Vir Biotechnology may be pushing ahead with its combination therapy in hepatitis D, but it's pausing further development in hepatitis B while it seeks a suitable partner.
Back in November, Vir arrived at a liver disease conference with phase 2 data showing that two combination regimens utilizing its drugs tobevibart and elebsiran were able to reduce hepatitis B surface antigens. With the news, the company planned to continue the trial to the 24-week stage in order to evaluate whether its cocktail therapy could act as a functional cure for chronic hepatitis B (CHB).
According to the biotech’s fourth-quarter earnings release, Vir still expects this data in the second quarter of the year. But what happens next is up in the air.
The “future advancement” in CHB “will be contingent on securing a worldwide development and commercialization partner” outside of Greater China, Vir said in the release. This is needed to “best enable further development in this area of high unmet need," the company explained.

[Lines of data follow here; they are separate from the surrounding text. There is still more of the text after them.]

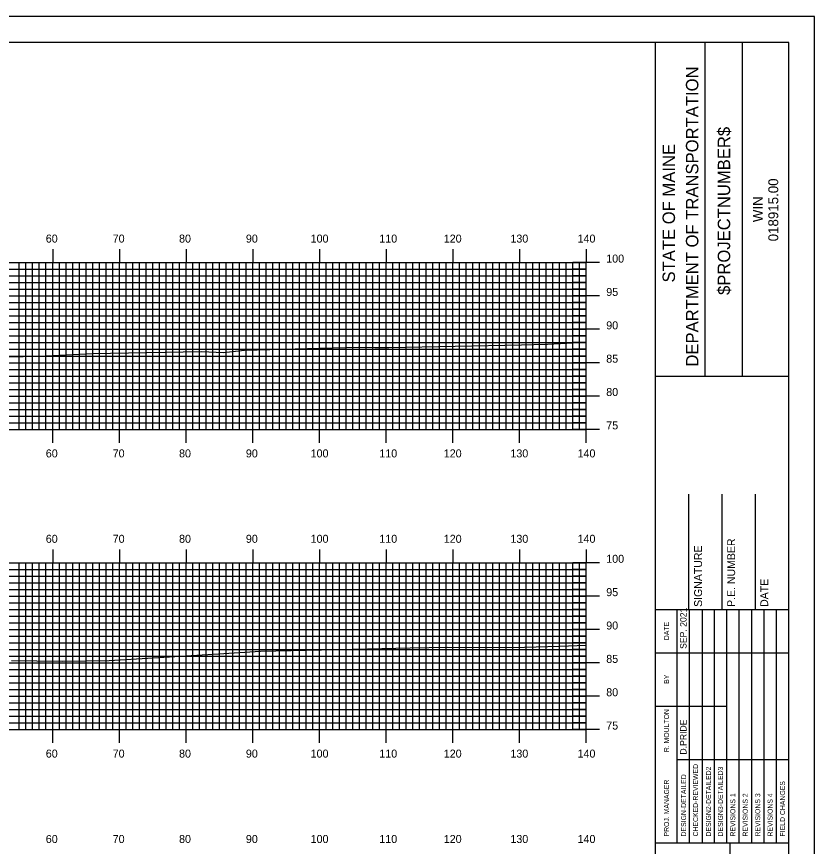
# Model space of a CAD drawing. Extents: x 1777531 to 1777875, y 442591 to 442811.
# Drawn here: x 1777751.9 to 1777871.5, y 442686.2 to 442810.5 of the extents above; entities that cross this region are included whole.
import ezdxf

# ---------------------------------------------------------------- set-up
doc = ezdxf.new("R2010")
doc.units = 0
for name, color, linetype in [('BORDER', 7, 'Continuous'), ('H_V ANNOTATION', 7, 'Continuous'), ('MAJOR', 7, 'Continuous'), ('MINOR', 7, 'Continuous'), ('PLOT BOUNDARY', 7, 'Continuous'), ('S_Roadway_Centerline', 7, 'Continuous')]:
    doc.layers.add(name, color=color, linetype=linetype)

msp = doc.modelspace()

# ---------------------------------------------------------------- linework, layer by layer
at = {"layer": 'BORDER'}
for p, q in [((1777847.68, 442596.67), (1777847.68, 442806.67)), ((1777855.13, 442756.66), (1777855.13, 442806.66)), ((1777860.72, 442756.66), (1777860.72, 442806.66)), ((1777847.68, 442756.65), (1777867.68, 442756.65)), ((1777852.68, 442721.67), (1777852.68, 442738.97)), ((1777857.68, 442721.67), (1777857.68, 442738.97)), ((1777862.68, 442721.67), (1777862.68, 442738.97)), ((1777847.68, 442721.67), (1777867.68, 442721.67)), ((1777847.68, 442686.67), (1777867.68, 442686.67)), ((1777858.86, 442616.67), (1777858.86, 442686.67))]:
    msp.add_line(p, q, dxfattribs=at)
msp.add_lwpolyline([(1777547.68, 442596.67), (1777867.68, 442596.67), (1777867.68, 442806.67), (1777547.68, 442806.67)], close=True, dxfattribs=at)
for points in [[(1777850.91, 442715.17), (1777850.91, 442721.67)], [(1777852.77, 442686.68), (1777852.77, 442721.67)], [(1777854.64, 442721.67), (1777854.64, 442686.68)], [(1777856.5, 442686.68), (1777856.5, 442721.67)], [(1777858.36, 442686.68), (1777858.36, 442721.67)], [(1777860.23, 442686.68), (1777860.23, 442721.67)], [(1777862.09, 442686.68), (1777862.09, 442721.67)], [(1777863.95, 442686.68), (1777863.95, 442721.67)], [(1777865.82, 442686.68), (1777865.82, 442721.67)], [(1777850.91, 442686.68), (1777850.91, 442720.26)], [(1777847.68, 442715.17), (1777867.68, 442715.17)], [(1777847.68, 442707.17), (1777850.91, 442707.17)], [(1777850.91, 442707.17), (1777858.36, 442707.17)], [(1777850.91, 442699.17), (1777867.68, 442699.17)]]:
    msp.add_lwpolyline(points, dxfattribs=at)
at = {"layer": 'MAJOR'}
for p, q in [((1777757.28, 442775.67), (1777757.28, 442773.67)), ((1777767.28, 442775.67), (1777767.28, 442773.67)), ((1777777.28, 442775.67), (1777777.28, 442773.67)), ((1777787.28, 442775.67), (1777787.28, 442773.67)), ((1777797.28, 442775.67), (1777797.28, 442773.67)), ((1777807.28, 442775.67), (1777807.28, 442773.67)), ((1777817.28, 442775.67), (1777817.28, 442773.67)), ((1777827.28, 442775.67), (1777827.28, 442773.67)), ((1777837.28, 442775.67), (1777837.28, 442773.67)), ((1777557.28, 442773.67), (1777837.28, 442773.67)), ((1777557.28, 442773.67), (1777837.28, 442773.67)), ((1777757.28, 442748.67), (1777757.28, 442773.67)), ((1777767.28, 442748.67), (1777767.28, 442773.67)), ((1777777.28, 442748.67), (1777777.28, 442773.67)), ((1777787.28, 442748.67), (1777787.28, 442773.67)), ((1777797.28, 442748.67), (1777797.28, 442773.67)), ((1777807.28, 442748.67), (1777807.28, 442773.67)), ((1777817.28, 442748.67), (1777817.28, 442773.67)), ((1777827.28, 442748.67), (1777827.28, 442773.67)), ((1777839.28, 442773.67), (1777835.27, 442773.67)), ((1777837.28, 442748.67), (1777837.28, 442773.67)), ((1777837.28, 442748.67), (1777837.28, 442773.67)), ((1777557.28, 442768.67), (1777837.28, 442768.67)), ((1777839.28, 442768.67), (1777835.27, 442768.67)), ((1777557.28, 442763.67), (1777837.28, 442763.67)), ((1777839.28, 442763.67), (1777835.27, 442763.67)), ((1777557.28, 442758.67), (1777837.28, 442758.67)), ((1777839.28, 442758.67), (1777835.27, 442758.67)), ((1777557.28, 442753.67), (1777837.28, 442753.67)), ((1777839.28, 442753.67), (1777835.27, 442753.67)), ((1777557.28, 442748.67), (1777837.28, 442748.67)), ((1777557.28, 442748.67), (1777837.28, 442748.67)), ((1777757.28, 442746.66), (1777757.28, 442748.67)), ((1777767.28, 442746.66), (1777767.28, 442748.67)), ((1777777.28, 442746.66), (1777777.28, 442748.67)), ((1777787.28, 442746.66), (1777787.28, 442748.67)), ((1777797.28, 442746.66), (1777797.28, 442748.67)), ((1777807.28, 442746.66), (1777807.28, 442748.67)), ((1777817.28, 442746.66), (1777817.28, 442748.67)), ((1777827.28, 442746.66), (1777827.28, 442748.67)), ((1777839.28, 442748.67), (1777835.27, 442748.67)), ((1777837.28, 442746.66), (1777837.28, 442748.67)), ((1777757.28, 442730.67), (1777757.28, 442728.67)), ((1777767.28, 442730.67), (1777767.28, 442728.67)), ((1777777.28, 442730.67), (1777777.28, 442728.67)), ((1777787.28, 442730.67), (1777787.28, 442728.67)), ((1777797.28, 442730.67), (1777797.28, 442728.67)), ((1777807.28, 442730.67), (1777807.28, 442728.67)), ((1777817.28, 442730.67), (1777817.28, 442728.67)), ((1777827.28, 442730.67), (1777827.28, 442728.67)), ((1777837.28, 442730.67), (1777837.28, 442728.67)), ((1777557.28, 442728.67), (1777837.28, 442728.67)), ((1777557.28, 442728.67), (1777837.28, 442728.67)), ((1777757.28, 442703.67), (1777757.28, 442728.67)), ((1777767.28, 442703.67), (1777767.28, 442728.67)), ((1777777.28, 442703.67), (1777777.28, 442728.67)), ((1777787.28, 442703.67), (1777787.28, 442728.67)), ((1777797.28, 442703.67), (1777797.28, 442728.67)), ((1777807.28, 442703.67), (1777807.28, 442728.67)), ((1777817.28, 442703.67), (1777817.28, 442728.67)), ((1777827.28, 442703.67), (1777827.28, 442728.67)), ((1777839.28, 442728.67), (1777835.27, 442728.67)), ((1777837.28, 442703.67), (1777837.28, 442728.67)), ((1777837.28, 442703.67), (1777837.28, 442728.67)), ((1777557.28, 442723.67), (1777837.28, 442723.67)), ((1777839.28, 442723.67), (1777835.27, 442723.67)), ((1777557.28, 442718.67), (1777837.28, 442718.67)), ((1777839.28, 442718.67), (1777835.27, 442718.67)), ((1777557.28, 442713.67), (1777837.28, 442713.67)), ((1777839.28, 442713.67), (1777835.27, 442713.67)), ((1777557.28, 442708.67), (1777837.28, 442708.67)), ((1777839.28, 442708.67), (1777835.27, 442708.67)), ((1777557.28, 442703.67), (1777837.28, 442703.67)), ((1777557.28, 442703.67), (1777837.28, 442703.67)), ((1777757.28, 442701.66), (1777757.28, 442703.67)), ((1777767.28, 442701.66), (1777767.28, 442703.67)), ((1777777.28, 442701.66), (1777777.28, 442703.67)), ((1777787.28, 442701.66), (1777787.28, 442703.67)), ((1777797.28, 442701.66), (1777797.28, 442703.67)), ((1777807.28, 442701.66), (1777807.28, 442703.67)), ((1777817.28, 442701.66), (1777817.28, 442703.67)), ((1777827.28, 442701.66), (1777827.28, 442703.67)), ((1777839.28, 442703.67), (1777835.27, 442703.67)), ((1777837.28, 442701.66), (1777837.28, 442703.67))]:
    msp.add_line(p, q, dxfattribs=at)
at = {"layer": 'MINOR'}
for p, q in [((1777752.28, 442748.67), (1777752.28, 442773.67)), ((1777753.28, 442748.67), (1777753.28, 442773.67)), ((1777754.28, 442748.67), (1777754.28, 442773.67)), ((1777755.28, 442748.67), (1777755.28, 442773.67)), ((1777756.28, 442748.67), (1777756.28, 442773.67)), ((1777758.28, 442748.67), (1777758.28, 442773.67)), ((1777759.28, 442748.67), (1777759.28, 442773.67)), ((1777760.28, 442748.67), (1777760.28, 442773.67)), ((1777761.28, 442748.67), (1777761.28, 442773.67)), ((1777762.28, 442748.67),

Earlier this month, GSK made a similar move, ending work on one potential functional cure for hepatitis B as it prioritized another in the form of bepirovirsen.
With future hepatitis B development sidelined for now, Vir will be steaming ahead with plans to launch a phase 3 trial of the tobevibart-elebsiran combo in hepatitis D in the first half of this year. Early efficacy results from a phase 2 trial last summer suggested the treatment may pose a threat to Gilead Sciences' stuttering attempt to capture the hepatitis D market.
Hepatitis D can only infect people if the hepatitis B virus is present. Compared to people with hepatitis B alone, people living with both viruses have a higher risk of irreversible liver damage and life-threatening complications.
No hepatitis D treatments are yet approved in the U.S., where Gilead’s bulevirtide was swatted away by the FDA in 2022. Gilead has since submitted a filing intended to fix the manufacturing and delivery concerns raised in the agency’s complete response letter, and bulevirtide is already available in Europe.
Vir also has two solid tumor-focused dual-masked T-cell engager programs in phase 1 trials, with a third due to enter the clinic in the first half of the year.
“2024 was a year of transformation for Vir Biotechnology as we successfully defined and executed on our renewed strategic direction, focusing our resources on our most promising programs in infectious diseases and oncology,” CEO Marianne De Backer, Ph.D., said in the Feb. 26 release.
“As we enter 2025, we are poised for significant advancement with the initiation of our phase 3 registrational program in chronic hepatitis delta and further clinical progression of our dual-masked T-cell engagers in solid tumors,” De Backer added. “Our disciplined capital deployment and strategic approach to partnerships enable us to maximize value creation from our pipeline and deliver transformative therapies to patients.”